**TASK OBJECTIVE**
For the entries that follow, say how many lines hold the string "CAPACITOR", with nothing else in the reply.

**DATA SHOWN**
BEGIN

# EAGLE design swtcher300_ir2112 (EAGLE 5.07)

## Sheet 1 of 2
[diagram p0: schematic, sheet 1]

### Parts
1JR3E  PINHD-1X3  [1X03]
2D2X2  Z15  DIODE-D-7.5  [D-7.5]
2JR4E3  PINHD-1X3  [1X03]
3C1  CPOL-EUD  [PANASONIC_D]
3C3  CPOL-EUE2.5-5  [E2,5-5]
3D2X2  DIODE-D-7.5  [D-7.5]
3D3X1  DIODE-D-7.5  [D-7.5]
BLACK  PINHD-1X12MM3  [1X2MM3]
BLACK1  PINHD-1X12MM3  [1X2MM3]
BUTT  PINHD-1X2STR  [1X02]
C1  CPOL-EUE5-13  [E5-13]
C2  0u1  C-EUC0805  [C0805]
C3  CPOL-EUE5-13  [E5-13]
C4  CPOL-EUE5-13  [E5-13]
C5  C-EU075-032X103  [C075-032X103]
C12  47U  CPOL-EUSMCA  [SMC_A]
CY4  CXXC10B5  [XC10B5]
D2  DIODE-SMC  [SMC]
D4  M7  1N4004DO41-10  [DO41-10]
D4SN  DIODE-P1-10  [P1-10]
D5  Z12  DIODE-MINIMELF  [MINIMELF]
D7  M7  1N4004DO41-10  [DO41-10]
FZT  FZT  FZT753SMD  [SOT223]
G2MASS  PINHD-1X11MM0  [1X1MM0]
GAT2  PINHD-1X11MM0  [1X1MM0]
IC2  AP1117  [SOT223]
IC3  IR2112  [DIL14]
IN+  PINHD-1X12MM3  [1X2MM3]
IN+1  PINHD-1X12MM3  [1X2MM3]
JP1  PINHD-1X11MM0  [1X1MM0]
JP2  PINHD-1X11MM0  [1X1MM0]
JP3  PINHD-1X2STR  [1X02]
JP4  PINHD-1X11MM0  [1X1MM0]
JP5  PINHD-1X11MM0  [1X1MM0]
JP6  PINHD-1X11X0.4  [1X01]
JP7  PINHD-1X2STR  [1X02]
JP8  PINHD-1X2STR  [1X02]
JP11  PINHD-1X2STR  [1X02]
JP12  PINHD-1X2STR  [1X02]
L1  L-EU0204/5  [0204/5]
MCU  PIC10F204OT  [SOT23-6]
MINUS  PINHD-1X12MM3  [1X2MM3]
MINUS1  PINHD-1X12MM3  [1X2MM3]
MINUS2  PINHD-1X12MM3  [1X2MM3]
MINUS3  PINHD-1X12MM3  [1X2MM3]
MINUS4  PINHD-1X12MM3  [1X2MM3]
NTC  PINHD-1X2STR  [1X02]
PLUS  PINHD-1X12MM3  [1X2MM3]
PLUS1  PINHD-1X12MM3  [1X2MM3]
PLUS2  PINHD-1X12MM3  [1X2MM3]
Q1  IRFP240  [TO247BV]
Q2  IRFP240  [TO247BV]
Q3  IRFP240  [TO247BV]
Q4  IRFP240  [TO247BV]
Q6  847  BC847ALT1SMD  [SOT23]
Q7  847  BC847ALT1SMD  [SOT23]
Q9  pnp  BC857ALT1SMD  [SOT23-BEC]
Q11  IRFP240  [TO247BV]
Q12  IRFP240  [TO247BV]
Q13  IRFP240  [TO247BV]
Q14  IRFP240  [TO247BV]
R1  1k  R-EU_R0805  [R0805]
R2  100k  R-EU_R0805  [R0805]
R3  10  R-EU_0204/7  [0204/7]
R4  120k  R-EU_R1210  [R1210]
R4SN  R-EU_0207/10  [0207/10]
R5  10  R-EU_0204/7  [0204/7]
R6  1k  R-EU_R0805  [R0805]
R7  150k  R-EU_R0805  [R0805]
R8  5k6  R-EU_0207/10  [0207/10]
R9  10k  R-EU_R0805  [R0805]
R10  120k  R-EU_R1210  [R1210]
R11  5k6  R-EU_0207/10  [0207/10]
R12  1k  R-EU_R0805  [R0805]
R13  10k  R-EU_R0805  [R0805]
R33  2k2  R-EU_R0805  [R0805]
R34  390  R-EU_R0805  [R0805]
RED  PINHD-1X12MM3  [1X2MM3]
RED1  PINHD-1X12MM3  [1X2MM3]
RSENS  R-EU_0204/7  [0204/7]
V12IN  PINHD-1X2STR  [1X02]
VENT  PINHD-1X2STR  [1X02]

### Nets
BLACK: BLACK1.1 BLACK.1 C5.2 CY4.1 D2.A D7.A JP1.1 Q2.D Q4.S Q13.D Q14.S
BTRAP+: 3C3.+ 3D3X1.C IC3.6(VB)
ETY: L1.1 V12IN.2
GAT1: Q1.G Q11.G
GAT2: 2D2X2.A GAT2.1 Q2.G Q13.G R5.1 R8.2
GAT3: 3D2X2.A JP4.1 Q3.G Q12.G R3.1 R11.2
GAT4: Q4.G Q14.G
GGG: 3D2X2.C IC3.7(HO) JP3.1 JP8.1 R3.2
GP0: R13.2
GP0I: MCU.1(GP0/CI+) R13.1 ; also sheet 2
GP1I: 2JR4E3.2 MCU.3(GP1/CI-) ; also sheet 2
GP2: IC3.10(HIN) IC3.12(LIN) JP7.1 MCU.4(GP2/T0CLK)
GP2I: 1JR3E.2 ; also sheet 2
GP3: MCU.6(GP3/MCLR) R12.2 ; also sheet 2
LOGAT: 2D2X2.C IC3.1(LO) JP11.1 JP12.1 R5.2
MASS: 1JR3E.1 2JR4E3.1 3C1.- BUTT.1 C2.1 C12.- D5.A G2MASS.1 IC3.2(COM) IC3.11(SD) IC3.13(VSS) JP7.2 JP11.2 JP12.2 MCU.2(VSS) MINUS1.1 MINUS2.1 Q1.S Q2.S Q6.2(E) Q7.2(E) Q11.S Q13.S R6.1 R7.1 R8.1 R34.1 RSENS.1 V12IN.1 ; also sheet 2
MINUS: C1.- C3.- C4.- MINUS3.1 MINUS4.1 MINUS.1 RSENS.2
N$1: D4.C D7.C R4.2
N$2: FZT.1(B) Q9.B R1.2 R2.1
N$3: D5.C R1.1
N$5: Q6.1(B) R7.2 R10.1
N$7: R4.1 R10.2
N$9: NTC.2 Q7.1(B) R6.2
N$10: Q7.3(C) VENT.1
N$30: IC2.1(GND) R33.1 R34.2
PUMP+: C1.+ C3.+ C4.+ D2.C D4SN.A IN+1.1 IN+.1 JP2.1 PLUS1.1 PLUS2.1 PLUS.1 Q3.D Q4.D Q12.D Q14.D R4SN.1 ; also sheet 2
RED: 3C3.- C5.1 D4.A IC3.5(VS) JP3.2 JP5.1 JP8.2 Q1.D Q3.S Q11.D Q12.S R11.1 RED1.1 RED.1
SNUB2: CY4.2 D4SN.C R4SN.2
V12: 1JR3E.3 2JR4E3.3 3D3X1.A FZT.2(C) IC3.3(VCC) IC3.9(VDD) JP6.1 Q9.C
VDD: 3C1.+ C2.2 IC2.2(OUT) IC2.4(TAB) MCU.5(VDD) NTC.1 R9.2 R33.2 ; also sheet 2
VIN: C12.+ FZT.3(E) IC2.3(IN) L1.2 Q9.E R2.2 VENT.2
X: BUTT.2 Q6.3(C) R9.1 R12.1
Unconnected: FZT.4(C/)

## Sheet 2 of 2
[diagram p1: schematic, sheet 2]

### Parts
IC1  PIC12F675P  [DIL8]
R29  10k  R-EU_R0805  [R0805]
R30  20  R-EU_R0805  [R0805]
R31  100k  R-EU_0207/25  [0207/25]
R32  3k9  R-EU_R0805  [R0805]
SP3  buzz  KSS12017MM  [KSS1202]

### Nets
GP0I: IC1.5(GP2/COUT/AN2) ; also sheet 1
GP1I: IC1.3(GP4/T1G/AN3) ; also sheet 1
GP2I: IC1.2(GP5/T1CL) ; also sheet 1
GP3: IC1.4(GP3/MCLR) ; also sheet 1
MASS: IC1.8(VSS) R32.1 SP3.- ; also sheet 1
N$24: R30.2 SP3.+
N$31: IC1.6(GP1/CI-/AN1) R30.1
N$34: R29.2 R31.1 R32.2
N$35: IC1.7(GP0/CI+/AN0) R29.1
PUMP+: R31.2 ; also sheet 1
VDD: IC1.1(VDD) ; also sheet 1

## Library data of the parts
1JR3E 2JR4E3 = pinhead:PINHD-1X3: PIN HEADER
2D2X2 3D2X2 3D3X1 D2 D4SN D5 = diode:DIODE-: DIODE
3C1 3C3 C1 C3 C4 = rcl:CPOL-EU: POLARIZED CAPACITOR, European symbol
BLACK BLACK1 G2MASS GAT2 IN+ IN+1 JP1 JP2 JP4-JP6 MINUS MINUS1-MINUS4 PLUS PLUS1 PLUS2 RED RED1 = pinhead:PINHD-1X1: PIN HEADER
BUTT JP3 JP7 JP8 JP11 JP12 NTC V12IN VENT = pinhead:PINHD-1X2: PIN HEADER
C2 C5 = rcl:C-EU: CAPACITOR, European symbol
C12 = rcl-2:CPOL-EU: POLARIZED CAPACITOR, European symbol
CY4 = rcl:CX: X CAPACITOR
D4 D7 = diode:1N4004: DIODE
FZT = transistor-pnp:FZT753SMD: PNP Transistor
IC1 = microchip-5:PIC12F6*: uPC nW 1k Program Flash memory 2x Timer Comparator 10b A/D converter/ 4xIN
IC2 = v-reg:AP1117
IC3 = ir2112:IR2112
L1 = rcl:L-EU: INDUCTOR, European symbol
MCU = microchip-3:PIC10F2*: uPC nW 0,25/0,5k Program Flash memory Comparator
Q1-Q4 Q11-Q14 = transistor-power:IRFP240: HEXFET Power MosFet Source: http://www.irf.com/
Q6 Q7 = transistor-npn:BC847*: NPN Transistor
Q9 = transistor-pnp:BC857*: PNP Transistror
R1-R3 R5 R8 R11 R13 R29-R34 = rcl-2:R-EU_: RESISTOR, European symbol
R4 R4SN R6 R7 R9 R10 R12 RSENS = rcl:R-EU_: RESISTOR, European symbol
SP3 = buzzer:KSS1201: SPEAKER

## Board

END

**WRITTEN REPLY**
4